**EXTRACTED RECORDS:**
####

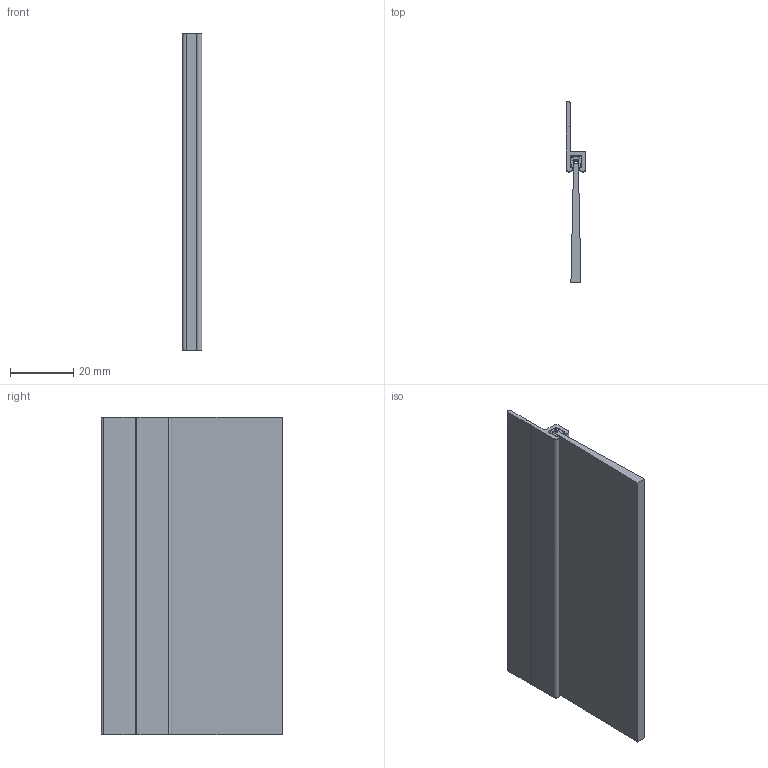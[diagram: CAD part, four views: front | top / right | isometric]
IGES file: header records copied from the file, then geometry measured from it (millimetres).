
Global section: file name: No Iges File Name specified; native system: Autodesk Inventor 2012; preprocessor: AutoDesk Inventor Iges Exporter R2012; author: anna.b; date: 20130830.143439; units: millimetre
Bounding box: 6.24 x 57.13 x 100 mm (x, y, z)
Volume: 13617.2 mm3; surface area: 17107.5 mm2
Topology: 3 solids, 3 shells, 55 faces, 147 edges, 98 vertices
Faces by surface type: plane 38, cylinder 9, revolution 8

####

**TASK DESCRIPTION:**
Quote the lines of the listing above that run from the line with "IGES file: header" through its last line, both included, and nothing else.

**TASK ANSWER:**
IGES file: header records copied from the file, then geometry measured from it (millimetres).
Global section: file name: No Iges File Name specified; native system: Autodesk Inventor 2012; preprocessor: AutoDesk Inventor Iges Exporter R2012; author: anna.b; date: 20130830.143439; units: millimetre
Bounding box: 6.24 x 57.13 x 100 mm (x, y, z)
Volume: 13617.2 mm3; surface area: 17107.5 mm2
Topology: 3 solids, 3 shells, 55 faces, 147 edges, 98 vertices
Faces by surface type: plane 38, cylinder 9, revolution 8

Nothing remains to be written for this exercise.